▸ **Brief**
What is needed is a verbatim copy of the data, minus the pictures.

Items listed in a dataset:
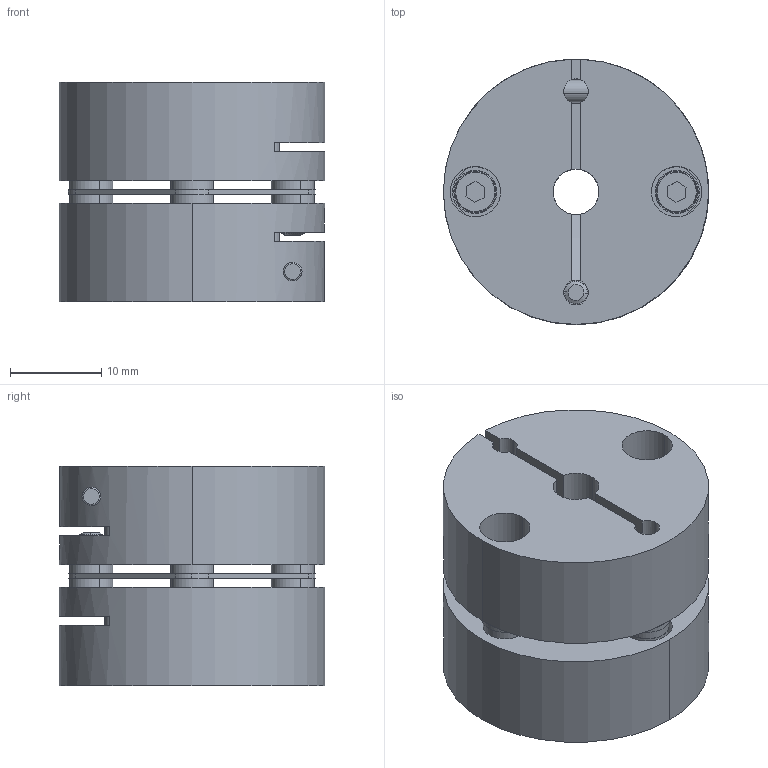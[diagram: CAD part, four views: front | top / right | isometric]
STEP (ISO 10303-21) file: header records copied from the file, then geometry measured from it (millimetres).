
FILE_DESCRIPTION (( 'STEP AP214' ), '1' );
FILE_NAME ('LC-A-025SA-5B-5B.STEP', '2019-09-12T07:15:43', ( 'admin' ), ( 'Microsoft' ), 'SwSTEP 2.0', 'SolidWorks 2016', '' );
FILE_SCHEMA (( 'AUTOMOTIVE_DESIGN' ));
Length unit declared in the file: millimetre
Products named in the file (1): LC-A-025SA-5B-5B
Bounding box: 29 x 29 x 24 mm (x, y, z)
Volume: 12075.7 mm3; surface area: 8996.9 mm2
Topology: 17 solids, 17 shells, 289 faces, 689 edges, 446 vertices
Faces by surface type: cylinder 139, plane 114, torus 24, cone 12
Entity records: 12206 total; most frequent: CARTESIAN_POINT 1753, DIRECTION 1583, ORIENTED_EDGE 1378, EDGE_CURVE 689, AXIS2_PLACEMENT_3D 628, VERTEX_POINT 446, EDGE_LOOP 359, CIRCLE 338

▸ **Result for this task**
[diagram: CAD part, four views: front | top / right | isometric]
STEP (ISO 10303-21) file: header records copied from the file, then geometry measured from it (millimetres).
FILE_DESCRIPTION (( 'STEP AP214' ), '1' );
FILE_NAME ('LC-A-025SA-5B-5B.STEP', '2019-09-12T07:15:43', ( 'admin' ), ( 'Microsoft' ), 'SwSTEP 2.0', 'SolidWorks 2016', '' );
FILE_SCHEMA (( 'AUTOMOTIVE_DESIGN' ));
Length unit declared in the file: millimetre
Products named in the file (1): LC-A-025SA-5B-5B
Bounding box: 29 x 29 x 24 mm (x, y, z)
Volume: 12075.7 mm3; surface area: 8996.9 mm2
Topology: 17 solids, 17 shells, 289 faces, 689 edges, 446 vertices
Faces by surface type: cylinder 139, plane 114, torus 24, cone 12
Entity records: 12206 total; most frequent: CARTESIAN_POINT 1753, DIRECTION 1583, ORIENTED_EDGE 1378, EDGE_CURVE 689, AXIS2_PLACEMENT_3D 628, VERTEX_POINT 446, EDGE_LOOP 359, CIRCLE 338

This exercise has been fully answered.